This is the mirror image of a rule that trips people up elsewhere. On the public App Store, words like "Beta" get your listing rejected, because the store is for finished products. In TestFlight, the opposite is true: TestFlight is the beta channel, so calling your build a beta in the test information is normal and expected. The one place to be careful is the app name itself, which comes from your App Store Connect record and is shared with the store. Here is where "Beta" is fine in TestFlight and where it is not.
Short answer
Yes, you can use "Beta" in your TestFlight test information, like the beta app description and the "What to Test" notes, because TestFlight is Apple's beta-testing channel and those fields are shown only to your testers, not on the public App Store. Per Apple's TestFlight overview, the restriction on beta wording applies to the public App Store listing, not to TestFlight's tester-facing fields. The one caveat is the app name itself, which comes from your App Store Connect app record and is the same name used on the store, so keep "Beta" out of the name even though the TestFlight description can use it freely.
What you should know
- TestFlight is the beta channel: beta wording there is expected.
- Test information can say "Beta": the description and What to Test are tester-facing.
- The public listing cannot: the App Store restriction is on the store listing.
- The app name is shared: it comes from your App Store Connect record.
- Keep the name clean: avoid "Beta" in the name even for TestFlight.

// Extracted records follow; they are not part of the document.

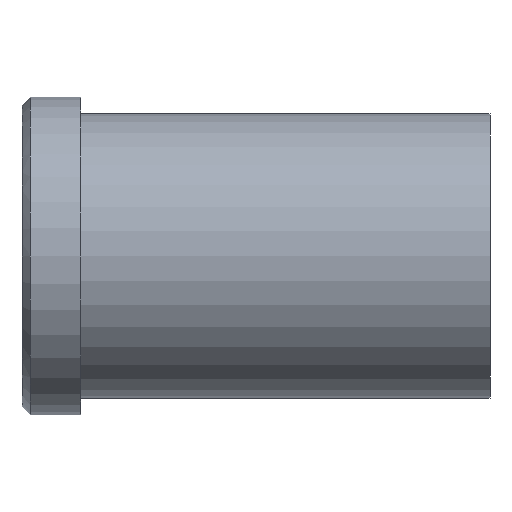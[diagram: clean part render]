
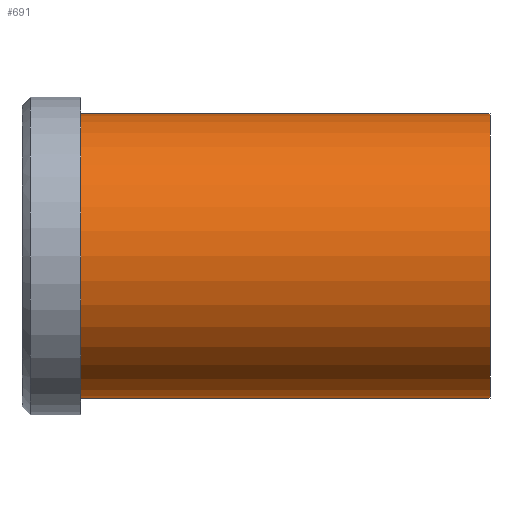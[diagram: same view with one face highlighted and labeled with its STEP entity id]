
A CAD part, front view. The second image highlights one B-rep face of the part: STEP entity #691.
In plain terms, the highlighted cylindrical face has radius 17 mm (diameter 34 mm), a partial arc.
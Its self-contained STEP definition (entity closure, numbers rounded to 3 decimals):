
#501=CARTESIAN_POINT('Vertex',(0.,0.,-17.)) ;
#506=CARTESIAN_POINT('Axis2P3D Location',(0.,0.,0.)) ;
#510=CARTESIAN_POINT('Vertex',(0.,-17.,0.)) ;
#513=CARTESIAN_POINT('Axis2P3D Location',(0.,0.,0.)) ;
#517=CARTESIAN_POINT('Vertex',(0.,0.,17.)) ;
#631=CARTESIAN_POINT('Line Origine',(49.,0.,17.)) ;
#635=CARTESIAN_POINT('Vertex',(49.,0.,17.)) ;
#649=CARTESIAN_POINT('Vertex',(49.,0.,-17.)) ;
#652=CARTESIAN_POINT('Line Origine',(49.,0.,-17.)) ;
#666=CARTESIAN_POINT('Axis2P3D Location',(49.,0.,0.)) ;
#671=CARTESIAN_POINT('Axis2P3D Location',(49.,0.,0.)) ;
#675=CARTESIAN_POINT('Vertex',(49.,-17.,0.)) ;
#678=CARTESIAN_POINT('Axis2P3D Location',(49.,0.,0.)) ;
#507=DIRECTION('Axis2P3D Direction',(1.,0.,-0.)) ;
#514=DIRECTION('Axis2P3D Direction',(1.,0.,-0.)) ;
#632=DIRECTION('Vector Direction',(-1.,0.,0.)) ;
#653=DIRECTION('Vector Direction',(-1.,0.,0.)) ;
#667=DIRECTION('Axis2P3D Direction',(-1.,-0.,-0.)) ;
#668=DIRECTION('Axis2P3D XDirection',(0.,0.,-1.)) ;
#672=DIRECTION('Axis2P3D Direction',(-1.,-0.,-0.)) ;
#679=DIRECTION('Axis2P3D Direction',(-1.,-0.,-0.)) ;
#508=AXIS2_PLACEMENT_3D('Circle Axis2P3D',#506,#507,$) ;
#515=AXIS2_PLACEMENT_3D('Circle Axis2P3D',#513,#514,$) ;
#669=AXIS2_PLACEMENT_3D('Cylinder Axis2P3D',#666,#667,#668) ;
#673=AXIS2_PLACEMENT_3D('Circle Axis2P3D',#671,#672,$) ;
#680=AXIS2_PLACEMENT_3D('Circle Axis2P3D',#678,#679,$) ;
#684=ORIENTED_EDGE('',*,*,#656,.T.) ;
#685=ORIENTED_EDGE('',*,*,#677,.F.) ;
#686=ORIENTED_EDGE('',*,*,#682,.F.) ;
#687=ORIENTED_EDGE('',*,*,#637,.T.) ;
#688=ORIENTED_EDGE('',*,*,#519,.T.) ;
#689=ORIENTED_EDGE('',*,*,#512,.T.) ;
#633=VECTOR('Line Direction',#632,1.) ;
#654=VECTOR('Line Direction',#653,1.) ;
#691=ADVANCED_FACE('353-25X56',(#690),#670,.T.) ;
#509=CIRCLE('generated circle',#508,17.) ;
#516=CIRCLE('generated circle',#515,17.) ;
#674=CIRCLE('generated circle',#673,17.) ;
#681=CIRCLE('generated circle',#680,17.) ;
#670=CYLINDRICAL_SURFACE('generated cylinder',#669,17.) ;
#512=EDGE_CURVE('',#511,#502,#509,.T.) ;
#519=EDGE_CURVE('',#518,#511,#516,.T.) ;
#637=EDGE_CURVE('',#636,#518,#634,.T.) ;
#656=EDGE_CURVE('',#502,#650,#655,.F.) ;
#677=EDGE_CURVE('',#676,#650,#674,.F.) ;
#682=EDGE_CURVE('',#636,#676,#681,.F.) ;
#683=EDGE_LOOP('',(#684,#685,#686,#687,#688,#689)) ;
#690=FACE_OUTER_BOUND('',#683,.T.) ;
#634=LINE('Line',#631,#633) ;
#655=LINE('Line',#652,#654) ;
#502=VERTEX_POINT('',#501) ;
#511=VERTEX_POINT('',#510) ;
#518=VERTEX_POINT('',#517) ;
#636=VERTEX_POINT('',#635) ;
#650=VERTEX_POINT('',#649) ;
#676=VERTEX_POINT('',#675) ;

Is "Beta" allowed in TestFlight?
Yes, in the tester-facing fields. TestFlight exists specifically to distribute pre-release builds to testers, so describing a build as a beta there is entirely appropriate, and Apple expects it. The beta app description and the "What to Test" notes are seen only by your testers inside the TestFlight app, not by the public, so wording like "this is a beta, expect rough edges" is fine and even helpful. This is the opposite of the public App Store, where calling your listing a beta gets it rejected because the store is meant for finished products. The difference comes down to audience: TestFlight is for testers and pre-release software, so beta language fits the channel.
TestFlight fields versus the App Store listing
The line is between tester-facing TestFlight fields and the public listing. The table maps it.
| Field | "Beta" wording allowed? |
|---|---|
| TestFlight beta app description | Yes, shown to testers |
| TestFlight "What to Test" notes | Yes, shown to testers |
| App name (from App Store Connect) | No, it is the public store name |
| Public App Store description and screenshots | No, restricted on the listing |
So everything that is purely TestFlight tester information can use beta language, while anything that is the public App Store listing, or the app name that feeds it, should not. The mental model is to ask who sees the field: testers in TestFlight, or shoppers on the App Store.
What about the app name itself?
That is the one to keep clean. Your app's name is set in your App Store Connect app record, and it is the same name that appears on the public App Store, so even though you are only testing in TestFlight right now, putting "Beta" in the name carries over to the store listing later and is the kind of wording Apple rejects there. TestFlight does not give you a separate beta-only name; it shows the app's real name alongside the tester-facing description you write. So describe the build as a beta in the description and the What to Test notes, but leave the name as the clean, final product name you intend to ship. That way nothing has to change when you move from TestFlight to the App Store.
What to watch out for
The first trap is over-correcting from the App Store rule and scrubbing "beta" out of your TestFlight test information, where it actually belongs and helps testers. The second is the reverse, putting "Beta" in the app name because you are in TestFlight, which then follows the name to the public listing. The third is treating the TestFlight description as public; it is tester-facing, so write it for testers. Naming and metadata are separate from your app's security, so they sit apart from a pre-submission scan such as PTKD.com (https://ptkd.com), which reads the binary against OWASP MASVS; the beta-wording decision is purely about which field you are editing and who sees it.
What to take away
- Yes, you can use "Beta" in your TestFlight test information, since the beta app description and What to Test notes are tester-facing and TestFlight is the beta channel.
- The restriction on beta wording applies to the public App Store listing, not to TestFlight's tester fields.
- Keep "Beta" out of the app name, which comes from your App Store Connect record and is the same name used on the store.
- Describe the build as a beta for testers, but leave the name as the final product name so nothing changes when you ship.